It is called denial management.
Opportunistic software companies brag of robust approaches to analyzing, correcting and preventing denial of claims. Of course, without such denials, they would have no work.
When the Wall Street Journal reported on this trend, it quoted a physician group’s administrator as saying, “The insurers outcode us, they outsmart us and they have more manpower.”
Aside from raising blood pressure and disrupting the sleep patterns of claimants, the term “denial management” has a uniquely American charm. It seems like something we should be good at.
Last week marked the fifth anniversary of the “Mission Accomplished” speech, the one in which President Bush flew to an aircraft carrier and declared the end of major combat operations in the Iraq war. Of course, the war persisted for five years in the aftermath.

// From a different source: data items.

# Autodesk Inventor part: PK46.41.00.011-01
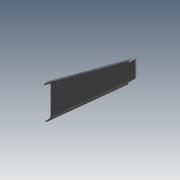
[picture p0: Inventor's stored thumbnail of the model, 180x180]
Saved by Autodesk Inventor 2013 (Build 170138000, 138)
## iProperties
Created: 2005-07
Part Number: PK46.41.00.011-01
Material: Steel, Mild
Document SubType Name: Листовой материал
Designer: PVitaliy
Manufacturer: Standard
Standards Organization: Custom
Density: 7.86 g/cm^3
Mass: 1058.63 g
Surface Area: 929.402 cm^2
Volume: 134.686 cm^3
Author: PVitaliy
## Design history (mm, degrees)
derived "PK46.41.00.113.ipt"
body "Solid1"
tag "TaggingFeature2"
feature "DerivedBody::PK46.41.00.113.ipt" dims "d0" = 10
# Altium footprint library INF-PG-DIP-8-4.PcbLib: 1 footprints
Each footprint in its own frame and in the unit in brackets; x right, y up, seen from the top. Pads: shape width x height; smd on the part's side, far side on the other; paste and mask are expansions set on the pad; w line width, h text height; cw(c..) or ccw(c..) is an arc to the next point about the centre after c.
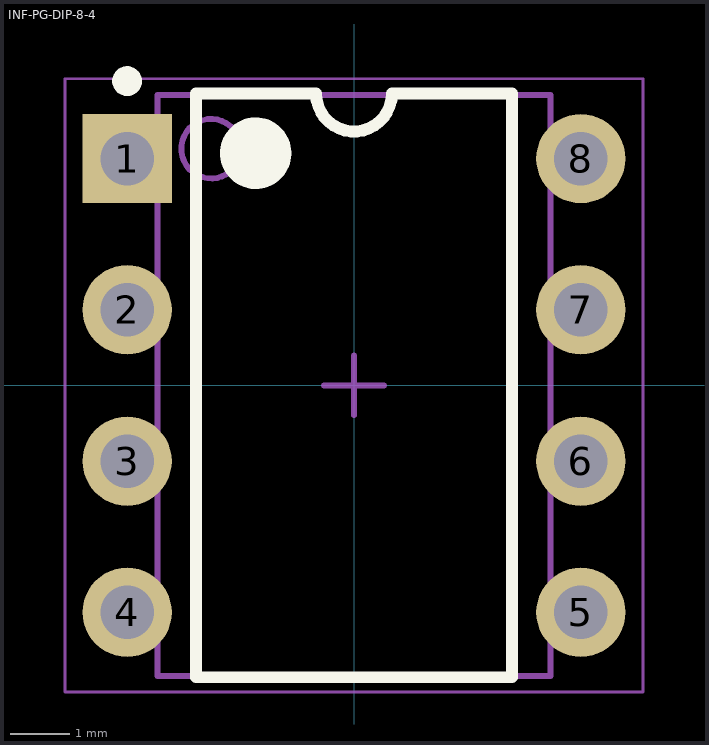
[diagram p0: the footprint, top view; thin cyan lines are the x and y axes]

## INF-PG-DIP-8-4 [mm] "DIP, 8-Leads, Body 9.52x6.35mm, Pitch 2.54mm"
height 4.37
pads (8):
  rect 1.5x1.5 hole 0.9: 1(-3.81,3.81)
  round 1.5 hole 0.9: 2(-3.81,1.27) 3(-3.81,-1.27) 4(-3.81,-3.81) 5(3.81,-3.81) 6(3.81,-1.27) 7(3.81,1.27) 8(3.81,3.81)
Top Overlay:
  circle w0.6: c-1.65,3.9 r0.3
  circle w0.25: c-3.81,5.11 r0.125
  lines w0.2: -2.65,-4.9 2.65,-4.9 2.65,4.9 0.635,4.9 cw(c0,4.9) -0.635,4.9 -2.65,4.9 -2.65,-4.9
Mechanical 13:
  circle w0.1: c-2.4,3.975 r0.5
  lines w0.1: -3.3,-4.875 3.3,-4.875 3.3,4.875 -3.3,4.875 -3.3,-4.875
Mechanical 15:
  lines w0.05: -4.85,-5.15 4.85,-5.15 4.85,5.15 -4.85,5.15 -4.85,-5.15
  lines w0.1: -0.5,0 0.5,0 ; 0,-0.5 0,0.5
3D body: height 4.37, standoff 0.38, extent -3.3,-4.875 3.3,4.875
3D body: height 0, standoff -1.6, extent 3.675,3.45 3.945,4.17
3D body: height 2.51, standoff 2.24, extent 3.3,3.31 3.945,4.31
3D body: height 2.24, standoff 0, extent 3.675,3.31 3.945,4.31
3D body: height 0, standoff -1.6, extent 3.675,0.91 3.945,1.63
3D body: height 2.51, standoff 2.24, extent 3.3,0.77 3.945,1.77
3D body: height 2.24, standoff 0, extent 3.675,0.77 3.945,1.77
3D body: height 0, standoff -1.6, extent 3.675,-1.63 3.945,-0.91
3D body: height 2.51, standoff 2.24, extent 3.3,-1.77 3.945,-0.77
3D body: height 2.24, standoff 0, extent 3.675,-1.77 3.945,-0.77
3D body: height 0, standoff -1.6, extent 3.675,-4.17 3.945,-3.45
3D body: height 2.51, standoff 2.24, extent 3.3,-4.31 3.945,-3.31
3D body: height 2.24, standoff 0, extent 3.675,-4.31 3.945,-3.31
3D body: height 0, standoff -1.6, extent -3.945,-4.17 -3.675,-3.45
3D body: height 2.51, standoff 2.24, extent -3.945,-4.31 -3.3,-3.31
3D body: height 2.24, standoff 0, extent -3.945,-4.31 -3.675,-3.31
3D body: height 0, standoff -1.6, extent -3.945,-1.63 -3.675,-0.91
3D body: height 2.51, standoff 2.24, extent -3.945,-1.77 -3.3,-0.77
3D body: height 2.24, standoff 0, extent -3.945,-1.77 -3.675,-0.77
3D body: height 0, standoff -1.6, extent -3.945,0.91 -3.675,1.63
3D body: height 2.51, standoff 2.24, extent -3.945,0.77 -3.3,1.77
3D body: height 2.24, standoff 0, extent -3.945,0.77 -3.675,1.77
3D body: height 0, standoff -1.6, extent -3.945,3.45 -3.675,4.17
3D body: height 2.51, standoff 2.24, extent -3.945,3.31 -3.3,4.31
3D body: height 2.24, standoff 0, extent -3.945,3.31 -3.675,4.31

To pre-empt the certain media scrutiny of this anniversary and the republication of pictures of that “Mission Accomplished” banner positioned over the president’s shoulder, the White House press secretary conceded the sign should have been more specific. It was meant, she said, to tout the carrier’s accomplishment of mission.
The Bush White House, she mourned, has paid a price for the misimpression.
It’s hard to gauge if anyone bit on this declaration of victimhood. For the lack of a qualifying statement, the fine print of political explanation, a disappointed public sees only hubris in a five-year-old event.
Or maybe it’s just a high-level example of denial management.
In our part of the world, we keep our eyes skyward each spring and hope for the best.
In Washington, they keep their eyes on wordplay and try to deny that certain storms ever existed.
Ken Newton’s column runs
on Sundays and Tuesdays.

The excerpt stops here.